→ **Activity**
The lines to copy are those holding the string "layer" in the entries below.

Data entries:

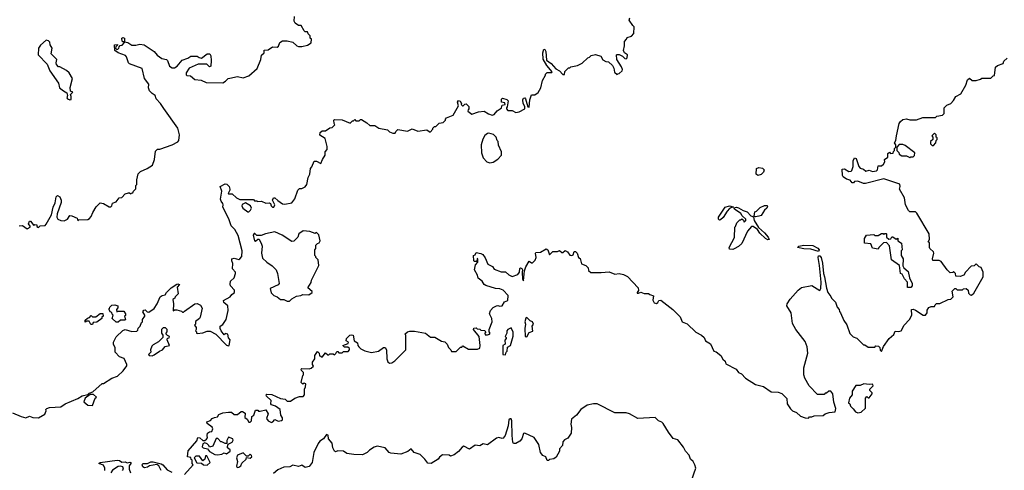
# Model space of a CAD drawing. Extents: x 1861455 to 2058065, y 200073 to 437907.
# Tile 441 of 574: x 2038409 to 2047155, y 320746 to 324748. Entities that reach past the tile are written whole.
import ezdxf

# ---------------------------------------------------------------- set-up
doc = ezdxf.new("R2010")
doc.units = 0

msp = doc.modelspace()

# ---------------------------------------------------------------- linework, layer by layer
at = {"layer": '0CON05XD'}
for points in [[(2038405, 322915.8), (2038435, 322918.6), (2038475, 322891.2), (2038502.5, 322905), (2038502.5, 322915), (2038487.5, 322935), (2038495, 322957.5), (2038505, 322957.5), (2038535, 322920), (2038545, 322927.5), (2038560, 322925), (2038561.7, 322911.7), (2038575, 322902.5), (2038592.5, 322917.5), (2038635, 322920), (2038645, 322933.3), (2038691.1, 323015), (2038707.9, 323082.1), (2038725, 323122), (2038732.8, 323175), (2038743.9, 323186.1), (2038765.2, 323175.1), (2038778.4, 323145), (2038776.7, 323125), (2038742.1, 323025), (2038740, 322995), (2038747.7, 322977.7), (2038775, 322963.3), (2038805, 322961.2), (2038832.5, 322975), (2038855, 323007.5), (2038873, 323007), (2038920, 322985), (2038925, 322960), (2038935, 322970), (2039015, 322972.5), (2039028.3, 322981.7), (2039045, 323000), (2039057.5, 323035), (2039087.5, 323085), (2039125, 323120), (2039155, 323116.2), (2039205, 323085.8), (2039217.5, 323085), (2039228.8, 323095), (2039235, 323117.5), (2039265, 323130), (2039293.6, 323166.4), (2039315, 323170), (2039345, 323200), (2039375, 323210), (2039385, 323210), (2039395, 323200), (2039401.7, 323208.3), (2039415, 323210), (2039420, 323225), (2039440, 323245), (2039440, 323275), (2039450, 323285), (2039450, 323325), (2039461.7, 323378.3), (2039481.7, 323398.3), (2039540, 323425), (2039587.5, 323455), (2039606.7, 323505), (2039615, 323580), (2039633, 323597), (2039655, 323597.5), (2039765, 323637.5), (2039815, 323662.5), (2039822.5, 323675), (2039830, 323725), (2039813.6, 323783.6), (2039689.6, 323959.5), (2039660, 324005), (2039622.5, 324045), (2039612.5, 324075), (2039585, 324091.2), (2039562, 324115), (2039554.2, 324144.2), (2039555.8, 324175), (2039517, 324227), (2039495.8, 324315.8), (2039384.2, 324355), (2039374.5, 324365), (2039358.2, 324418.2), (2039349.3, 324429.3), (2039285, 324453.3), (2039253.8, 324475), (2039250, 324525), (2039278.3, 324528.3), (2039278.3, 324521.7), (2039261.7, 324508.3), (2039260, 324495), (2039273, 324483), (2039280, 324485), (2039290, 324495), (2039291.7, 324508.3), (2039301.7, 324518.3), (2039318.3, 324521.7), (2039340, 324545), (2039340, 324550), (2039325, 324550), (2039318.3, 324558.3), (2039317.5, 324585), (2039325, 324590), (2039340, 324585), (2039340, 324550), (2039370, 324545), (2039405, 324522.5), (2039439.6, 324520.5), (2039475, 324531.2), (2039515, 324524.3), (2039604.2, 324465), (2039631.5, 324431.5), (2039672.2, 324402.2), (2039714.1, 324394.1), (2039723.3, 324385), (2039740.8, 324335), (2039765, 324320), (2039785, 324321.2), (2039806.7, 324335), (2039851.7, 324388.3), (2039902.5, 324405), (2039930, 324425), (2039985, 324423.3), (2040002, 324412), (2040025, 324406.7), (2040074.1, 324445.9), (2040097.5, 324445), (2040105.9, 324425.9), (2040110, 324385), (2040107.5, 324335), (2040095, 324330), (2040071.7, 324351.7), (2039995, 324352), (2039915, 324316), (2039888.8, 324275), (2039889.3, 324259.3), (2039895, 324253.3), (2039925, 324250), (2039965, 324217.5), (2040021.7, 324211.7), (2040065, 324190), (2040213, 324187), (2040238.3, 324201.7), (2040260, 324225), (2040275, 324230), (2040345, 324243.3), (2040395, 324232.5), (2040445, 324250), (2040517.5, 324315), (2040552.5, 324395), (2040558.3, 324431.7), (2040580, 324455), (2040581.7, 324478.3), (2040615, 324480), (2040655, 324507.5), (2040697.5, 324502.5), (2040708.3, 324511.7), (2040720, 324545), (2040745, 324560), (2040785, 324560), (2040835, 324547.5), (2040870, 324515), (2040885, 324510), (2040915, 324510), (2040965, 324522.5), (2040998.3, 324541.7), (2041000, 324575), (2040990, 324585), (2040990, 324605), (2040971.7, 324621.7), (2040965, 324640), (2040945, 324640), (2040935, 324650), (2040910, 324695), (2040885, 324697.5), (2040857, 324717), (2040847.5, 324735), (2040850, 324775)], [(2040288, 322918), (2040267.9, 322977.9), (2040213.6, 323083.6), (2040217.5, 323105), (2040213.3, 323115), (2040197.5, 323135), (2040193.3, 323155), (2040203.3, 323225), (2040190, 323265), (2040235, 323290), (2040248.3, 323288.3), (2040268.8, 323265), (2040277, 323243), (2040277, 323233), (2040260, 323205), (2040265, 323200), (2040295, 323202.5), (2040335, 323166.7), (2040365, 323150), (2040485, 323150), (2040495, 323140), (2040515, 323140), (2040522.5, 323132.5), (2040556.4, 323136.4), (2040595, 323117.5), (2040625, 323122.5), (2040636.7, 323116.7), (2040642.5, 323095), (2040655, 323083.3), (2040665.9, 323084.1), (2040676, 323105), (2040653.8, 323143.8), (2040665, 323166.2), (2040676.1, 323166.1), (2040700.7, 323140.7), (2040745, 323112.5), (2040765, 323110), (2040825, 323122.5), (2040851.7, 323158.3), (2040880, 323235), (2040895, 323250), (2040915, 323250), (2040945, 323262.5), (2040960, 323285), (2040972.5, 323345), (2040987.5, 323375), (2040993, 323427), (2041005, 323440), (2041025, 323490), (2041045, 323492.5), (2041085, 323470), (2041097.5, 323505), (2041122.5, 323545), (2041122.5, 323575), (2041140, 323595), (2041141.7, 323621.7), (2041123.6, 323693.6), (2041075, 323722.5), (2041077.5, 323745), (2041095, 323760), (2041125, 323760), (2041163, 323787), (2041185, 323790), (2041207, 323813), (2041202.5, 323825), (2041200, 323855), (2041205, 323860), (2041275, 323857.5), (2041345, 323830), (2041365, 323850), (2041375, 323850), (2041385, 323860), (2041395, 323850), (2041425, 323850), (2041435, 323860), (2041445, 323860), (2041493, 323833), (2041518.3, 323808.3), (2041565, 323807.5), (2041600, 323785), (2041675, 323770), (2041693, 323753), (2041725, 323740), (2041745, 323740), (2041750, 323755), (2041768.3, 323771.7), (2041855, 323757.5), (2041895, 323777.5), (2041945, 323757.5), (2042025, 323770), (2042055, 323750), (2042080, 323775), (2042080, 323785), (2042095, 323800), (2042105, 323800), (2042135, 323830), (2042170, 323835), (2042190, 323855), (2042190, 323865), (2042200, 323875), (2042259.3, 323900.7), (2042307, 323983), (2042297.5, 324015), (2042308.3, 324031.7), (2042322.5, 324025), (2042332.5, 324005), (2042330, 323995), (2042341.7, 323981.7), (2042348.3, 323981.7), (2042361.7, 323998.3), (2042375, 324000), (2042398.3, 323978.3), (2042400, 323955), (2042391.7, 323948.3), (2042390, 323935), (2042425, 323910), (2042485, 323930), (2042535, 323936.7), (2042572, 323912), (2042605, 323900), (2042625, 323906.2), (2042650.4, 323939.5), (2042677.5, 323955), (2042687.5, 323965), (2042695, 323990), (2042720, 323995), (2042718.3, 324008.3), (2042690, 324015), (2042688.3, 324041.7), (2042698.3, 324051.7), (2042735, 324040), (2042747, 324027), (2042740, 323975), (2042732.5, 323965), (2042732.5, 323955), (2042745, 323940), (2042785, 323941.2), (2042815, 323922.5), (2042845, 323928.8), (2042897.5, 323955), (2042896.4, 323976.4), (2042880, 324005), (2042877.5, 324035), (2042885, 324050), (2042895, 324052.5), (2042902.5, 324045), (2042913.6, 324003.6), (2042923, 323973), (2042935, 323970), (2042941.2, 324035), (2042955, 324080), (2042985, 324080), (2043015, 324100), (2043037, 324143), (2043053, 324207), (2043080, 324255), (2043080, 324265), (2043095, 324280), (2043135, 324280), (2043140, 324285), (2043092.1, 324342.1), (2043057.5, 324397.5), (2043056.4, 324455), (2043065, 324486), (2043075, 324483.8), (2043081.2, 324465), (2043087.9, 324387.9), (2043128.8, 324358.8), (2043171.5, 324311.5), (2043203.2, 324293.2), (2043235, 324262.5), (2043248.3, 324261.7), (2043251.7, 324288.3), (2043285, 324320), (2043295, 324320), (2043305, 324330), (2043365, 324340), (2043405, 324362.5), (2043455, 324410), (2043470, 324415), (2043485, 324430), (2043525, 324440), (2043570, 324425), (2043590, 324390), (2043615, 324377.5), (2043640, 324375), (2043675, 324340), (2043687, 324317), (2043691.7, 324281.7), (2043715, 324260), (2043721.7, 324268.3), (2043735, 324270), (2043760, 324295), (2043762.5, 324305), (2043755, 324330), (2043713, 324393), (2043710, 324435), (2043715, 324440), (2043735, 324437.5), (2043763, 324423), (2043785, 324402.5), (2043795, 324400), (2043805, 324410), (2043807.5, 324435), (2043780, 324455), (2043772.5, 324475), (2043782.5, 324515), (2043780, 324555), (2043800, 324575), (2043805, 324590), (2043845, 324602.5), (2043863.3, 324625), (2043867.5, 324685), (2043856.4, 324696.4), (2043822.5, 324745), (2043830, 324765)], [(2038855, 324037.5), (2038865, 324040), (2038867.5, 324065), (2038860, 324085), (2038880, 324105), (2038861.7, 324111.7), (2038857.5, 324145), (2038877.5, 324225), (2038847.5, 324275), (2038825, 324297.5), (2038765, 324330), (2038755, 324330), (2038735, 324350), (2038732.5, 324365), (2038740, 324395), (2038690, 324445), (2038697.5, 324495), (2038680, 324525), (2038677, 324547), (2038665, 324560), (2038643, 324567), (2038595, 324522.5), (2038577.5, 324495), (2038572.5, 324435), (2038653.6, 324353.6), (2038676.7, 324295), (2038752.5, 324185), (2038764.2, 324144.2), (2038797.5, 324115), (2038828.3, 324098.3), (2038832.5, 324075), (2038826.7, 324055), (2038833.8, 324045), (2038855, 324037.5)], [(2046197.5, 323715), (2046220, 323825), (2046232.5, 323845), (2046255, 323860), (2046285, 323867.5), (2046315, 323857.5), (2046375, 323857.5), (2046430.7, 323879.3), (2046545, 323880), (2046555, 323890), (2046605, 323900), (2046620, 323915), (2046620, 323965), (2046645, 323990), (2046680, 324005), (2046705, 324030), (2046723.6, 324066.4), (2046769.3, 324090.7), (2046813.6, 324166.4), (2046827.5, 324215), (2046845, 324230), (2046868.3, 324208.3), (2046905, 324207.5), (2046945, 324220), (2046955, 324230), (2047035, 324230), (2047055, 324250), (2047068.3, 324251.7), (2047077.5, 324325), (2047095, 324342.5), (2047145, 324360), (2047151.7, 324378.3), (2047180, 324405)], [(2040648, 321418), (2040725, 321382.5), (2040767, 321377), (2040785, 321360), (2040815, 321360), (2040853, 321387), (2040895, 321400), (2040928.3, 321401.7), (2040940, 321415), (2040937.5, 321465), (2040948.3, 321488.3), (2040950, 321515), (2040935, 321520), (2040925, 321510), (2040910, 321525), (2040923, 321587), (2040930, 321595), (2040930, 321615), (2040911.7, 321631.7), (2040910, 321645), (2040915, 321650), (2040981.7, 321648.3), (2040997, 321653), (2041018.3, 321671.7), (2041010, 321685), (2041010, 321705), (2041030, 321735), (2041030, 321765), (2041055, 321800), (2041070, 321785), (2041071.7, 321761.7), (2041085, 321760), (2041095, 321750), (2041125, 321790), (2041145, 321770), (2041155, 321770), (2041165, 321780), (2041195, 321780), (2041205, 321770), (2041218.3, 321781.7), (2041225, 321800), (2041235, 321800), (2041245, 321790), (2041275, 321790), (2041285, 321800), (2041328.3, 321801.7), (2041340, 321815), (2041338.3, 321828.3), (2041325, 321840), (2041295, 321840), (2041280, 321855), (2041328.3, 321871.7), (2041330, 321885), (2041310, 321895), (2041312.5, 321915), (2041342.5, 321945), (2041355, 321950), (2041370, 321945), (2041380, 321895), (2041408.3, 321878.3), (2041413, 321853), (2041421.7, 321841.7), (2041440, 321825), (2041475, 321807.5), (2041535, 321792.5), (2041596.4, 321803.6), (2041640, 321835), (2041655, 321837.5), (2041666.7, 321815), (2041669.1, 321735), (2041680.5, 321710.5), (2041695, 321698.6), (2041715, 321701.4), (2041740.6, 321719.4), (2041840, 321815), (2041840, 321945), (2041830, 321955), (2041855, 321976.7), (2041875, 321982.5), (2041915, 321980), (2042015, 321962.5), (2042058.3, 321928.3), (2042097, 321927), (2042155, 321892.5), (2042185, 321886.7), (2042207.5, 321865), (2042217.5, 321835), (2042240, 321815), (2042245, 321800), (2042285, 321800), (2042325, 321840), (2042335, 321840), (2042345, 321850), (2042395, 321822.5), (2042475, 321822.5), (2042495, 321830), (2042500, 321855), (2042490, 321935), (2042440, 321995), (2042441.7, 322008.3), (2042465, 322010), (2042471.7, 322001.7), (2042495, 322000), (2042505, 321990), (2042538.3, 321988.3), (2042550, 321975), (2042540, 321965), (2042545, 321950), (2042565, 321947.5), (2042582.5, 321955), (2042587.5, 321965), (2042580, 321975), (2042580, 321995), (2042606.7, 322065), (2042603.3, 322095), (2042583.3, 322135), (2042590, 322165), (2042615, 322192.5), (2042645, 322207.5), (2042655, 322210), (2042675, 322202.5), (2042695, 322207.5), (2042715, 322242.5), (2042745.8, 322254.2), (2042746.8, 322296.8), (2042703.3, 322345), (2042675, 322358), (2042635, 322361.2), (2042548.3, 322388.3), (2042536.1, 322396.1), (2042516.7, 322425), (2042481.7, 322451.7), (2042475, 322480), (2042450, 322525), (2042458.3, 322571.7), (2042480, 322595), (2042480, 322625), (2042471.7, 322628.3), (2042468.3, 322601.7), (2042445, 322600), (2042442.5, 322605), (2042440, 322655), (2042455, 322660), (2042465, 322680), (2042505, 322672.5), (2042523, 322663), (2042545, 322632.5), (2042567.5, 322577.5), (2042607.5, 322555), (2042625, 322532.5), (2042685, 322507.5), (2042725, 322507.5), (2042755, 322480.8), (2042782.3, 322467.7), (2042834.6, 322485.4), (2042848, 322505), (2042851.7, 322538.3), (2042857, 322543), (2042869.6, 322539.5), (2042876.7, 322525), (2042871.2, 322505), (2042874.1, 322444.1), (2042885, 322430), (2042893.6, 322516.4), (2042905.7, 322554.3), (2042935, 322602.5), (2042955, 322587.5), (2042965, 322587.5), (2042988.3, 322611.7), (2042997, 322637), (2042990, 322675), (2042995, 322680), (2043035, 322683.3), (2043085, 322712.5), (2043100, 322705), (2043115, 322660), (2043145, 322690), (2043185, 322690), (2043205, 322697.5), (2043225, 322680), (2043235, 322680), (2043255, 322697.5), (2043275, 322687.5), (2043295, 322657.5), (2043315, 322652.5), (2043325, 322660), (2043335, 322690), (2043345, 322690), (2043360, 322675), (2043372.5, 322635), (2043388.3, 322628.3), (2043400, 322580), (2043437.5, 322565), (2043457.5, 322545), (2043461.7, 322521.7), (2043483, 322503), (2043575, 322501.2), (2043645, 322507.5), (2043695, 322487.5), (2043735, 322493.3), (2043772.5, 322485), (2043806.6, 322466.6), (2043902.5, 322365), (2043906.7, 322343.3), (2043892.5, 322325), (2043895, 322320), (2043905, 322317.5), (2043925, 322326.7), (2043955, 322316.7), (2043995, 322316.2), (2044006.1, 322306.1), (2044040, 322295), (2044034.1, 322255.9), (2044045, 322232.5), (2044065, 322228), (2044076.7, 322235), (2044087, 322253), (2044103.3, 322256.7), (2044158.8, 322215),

→ **Exercise response**
# ---------------------------------------------------------------- linework, layer by layer
at = {"layer": '0CON05XD'}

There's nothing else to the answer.